Ходят слухи, что он читает светские книги на латинском языке. В точности никто этого не знает, но уже одних слухов достаточно для матери Давида. Как испуганно завопила она, когда увидела, что Голодный Учитель прохаживается перед ее домом вместе с ее единственным ребенком. Дело в том, что если уж Гиршль начинает говорить — то говорит без конца. Когда Давид приходит к нему, он идет потом провожать его до дому и все время не перестает говорить. Впрочем, так было только в первое время этой странной дружбы, завязавшейся между пятидесятилетним человеком и рано созревшим десятилетним мальчиком. После истории с матерью Давид лишь тайком пробирался к Голодному Учителю.
Мальчик изобрел способ искусственно вызывать кровотечение из носу. Это — его первая ложь. Дрожа и краснея, он преподносит ее. Но зато велика и награда. Ему разрешают уйти из школы еще днем, сейчас же после обеда, который варит жена его учителя. И тогда он может до вечера сидеть в комнате у Гиршля. Это — маленькая грязная комната, неуютная и какая-то незащищенная, потому что она расположена у самой стены, отделяющей еврейский квартал от запретной христианской улицы старого города. За стеной виден портал церкви. О, какое это жуткое зрелище! Мальчик любит заглядывать в таинственные темные впадины между статуями, в которых иногда вздрагивает резкий свет, словно от множества субботних свечей.

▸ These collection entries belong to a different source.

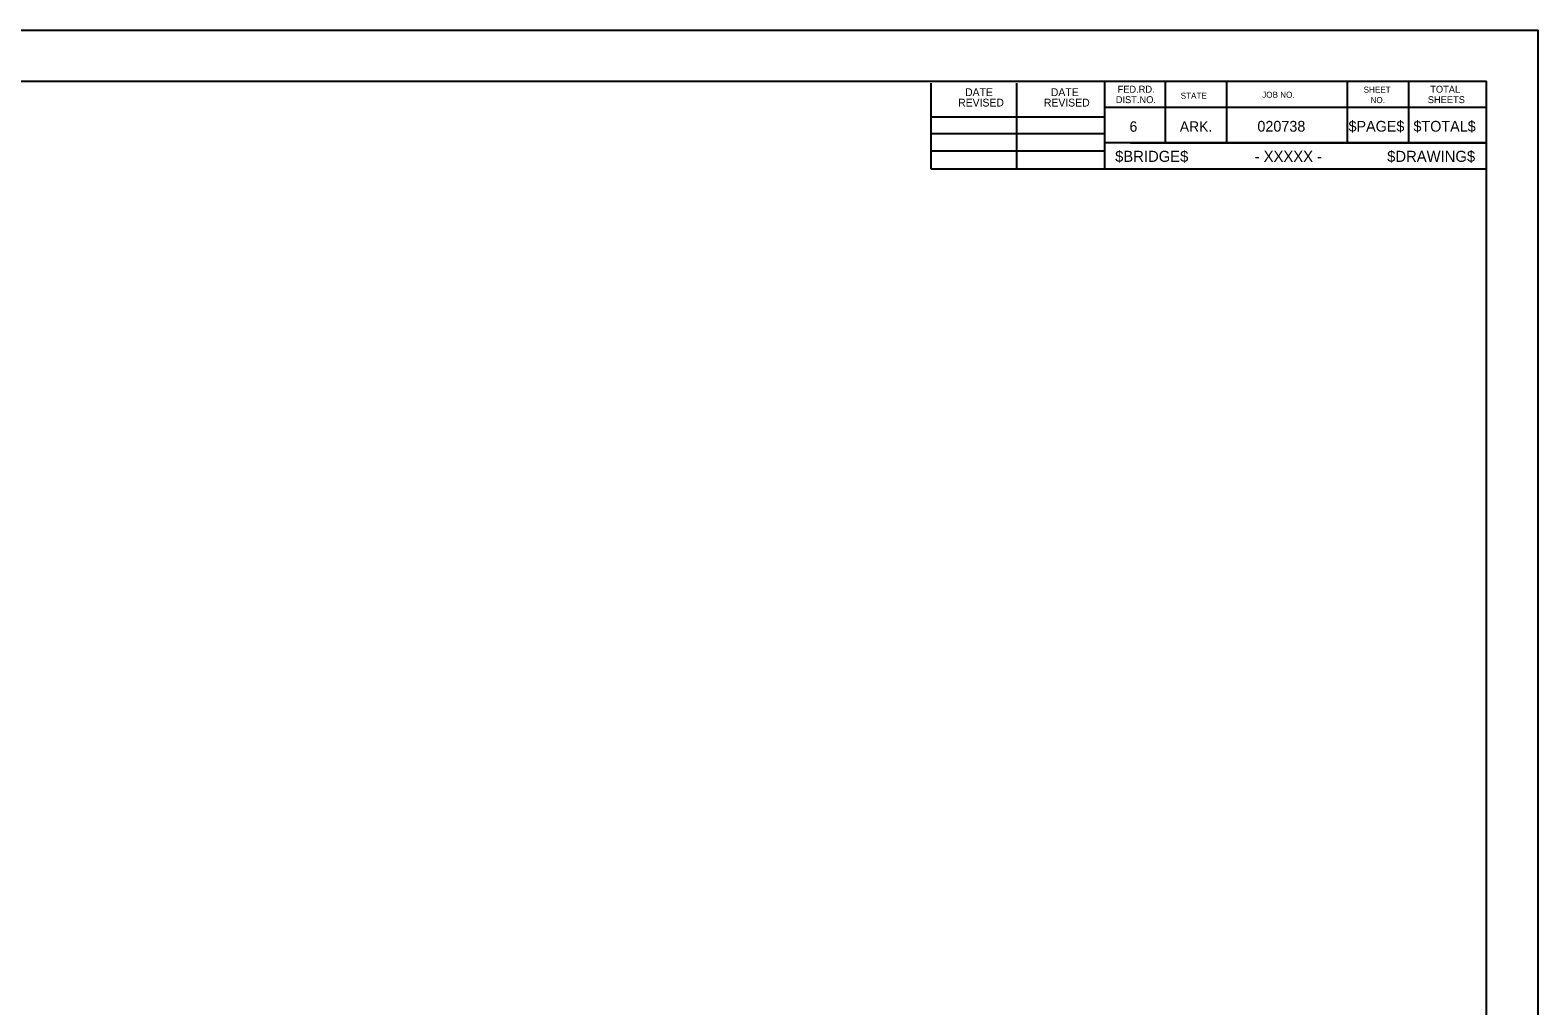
# Model space of a CAD drawing. Extents: x 16 to 1228743, y 11 to 152440.
# Drawn here: x 17.074 to 18.49, y 11.626 to 12.543 of the extents above; entities that cross this region are included whole.
import ezdxf

# ---------------------------------------------------------------- set-up
doc = ezdxf.new("R2010")
doc.units = 0
doc.layers.add('B_Copy In', color=7, linetype='Continuous')
doc.layers.add('R_Border', color=7, linetype='Continuous')

msp = doc.modelspace()

# ---------------------------------------------------------------- linework, layer by layer
at = {"layer": 'R_Border'}
for p, q in [((15.7833, 12.4948), (18.4422, 12.4948)), ((17.9202, 12.4124), (17.9202, 12.4931)), ((18.0009, 12.4124), (18.0009, 12.4931)), ((18.0831, 12.4948), (18.0831, 12.4124)), ((18.1401, 12.4948), (18.1401, 12.4369)), ((18.1979, 12.4948), (18.1979, 12.4369)), ((18.3111, 12.4948), (18.3111, 12.4369)), ((18.3689, 12.4948), (18.3689, 12.4369)), ((18.4422, 10.7576), (18.4422, 12.4948)), ((18.4422, 12.4703), (18.0831, 12.4703)), ((18.4422, 12.4704), (18.4422, 12.4704)), ((17.9202, 12.4613), (18.0831, 12.4613)), ((17.9202, 12.4458), (18.0831, 12.4458)), ((17.9202, 12.4296), (18.0831, 12.4296)), ((18.4422, 12.4369), (18.0831, 12.4369)), ((18.1077, 12.4369), (18.4422, 12.4369)), ((18.4422, 12.4124), (17.9202, 12.4124))]:
    msp.add_line(p, q, dxfattribs=at)
msp.add_lwpolyline([(15.657, 12.5428), (18.4903, 12.5428), (18.4903, 10.7095), (15.657, 10.7095)], close=True, dxfattribs=at)

# ---------------------------------------------------------------- texts
at = {"layer": 'B_Copy In'}
msp.add_text('- XXXXX -', height=0.0104, dxfattribs=at).set_placement((18.2242, 12.4191))
at = {"layer": 'R_Border'}
for s, height, p in [('DATE', 0.00733, (17.9521, 12.4809)), ('DATE', 0.00733, (18.0327, 12.4809)), ('DIST.NO.', 0.00652, (18.0937, 12.4743)), ('FED.RD.', 0.00652, (18.0954, 12.4841)), ('STATE', 0.0057, (18.1547, 12.4784)), ('JOB NO.', 0.0057, (18.2313, 12.4793)), ('SHEET', 0.0057, (18.3266, 12.4841)), ('SHEETS', 0.00652, (18.3869, 12.4743)), ('TOTAL', 0.00652, (18.3892, 12.4841)), ('REVISED', 0.00733, (17.9456, 12.4711)), ('REVISED', 0.00733, (18.0262, 12.4711)), ('NO.', 0.0057, (18.3331, 12.4743)), ('6', 0.00977, (18.1067, 12.4474)), ('ARK.', 0.00977, (18.1539, 12.4474)), ('020738', 0.01009, (18.2268, 12.4475)), ('$PAGE$', 0.01009, (18.3124, 12.4475)), ('$TOTAL$', 0.01009, (18.3734, 12.4475)), ('$BRIDGE$', 0.0104, (18.0931, 12.4191)), ('$DRAWING$', 0.0104, (18.3487, 12.4191))]:
    msp.add_text(s, height=height, dxfattribs=at).set_placement(p)

doc.saveas('drawing.dxf')

У Давида очень часто теперь приключается кровотечение из носа. Ему стыдно, он презирает себя, но не может устоять.
— Где ты пропадал столько времени? — встречает его Гиршль, который немедленно бросает своих учеников, громко читающих по складам, и запирает за собой дверь, ведущую в комнату, где происходит ученье. — Уже четыре дня, как ты пропадаешь бог знает где.
— Всего лишь три дня, — жалобно возражает ребенок.
— А тем временем старшина снова отклонил мое ходатайство. Большая школа получает дрова от общины, а я ничего не получаю. Ровно ничего. Хоть замерзни в эту жестокую зиму. Но, погоди, я когда-нибудь выступлю и разоблачу все злоупотребления. Разумеется, все двадцать семь старост голосовали как стадо баранов, и даже твой великий отец, этот безупречный ученый, покривил душой в деле бедняка.
«Не лучше ли мне уйти отсюда? — думает мальчик. — Нехорошее говорят здесь».
Но маленький прихрамывающий человек не выпускает своей добычи. Он схватил Давида за воротник и втиснул его в кресло. У него голова безумца, с вьющимися поседевшими черными волосами. Один глаз побольше, другой поменьше, и смотрят они пристальным, неподвижным взглядом.
— Как они пыжатся, эти старейшины. Можно подумать, что они не такие люди, как я или ты. Такое же самомнение, такие же страсти, такие же разочарования. Попробуй уколоть их, и они закричат. А потом будут утверждать, что пели великолепнее, чем наш кантор поет в день Всепрощения. Суета сует, говорит мудрец. Моль, летящая на свет. Если можно было слышать, как кричит моль, то раздавался бы великий вопль. Вот так вопят и люди. А назавтра все миновало, как будто никогда и не было. Но сегодня всякий считает свою судьбу столь важной, словно он один существует на свете.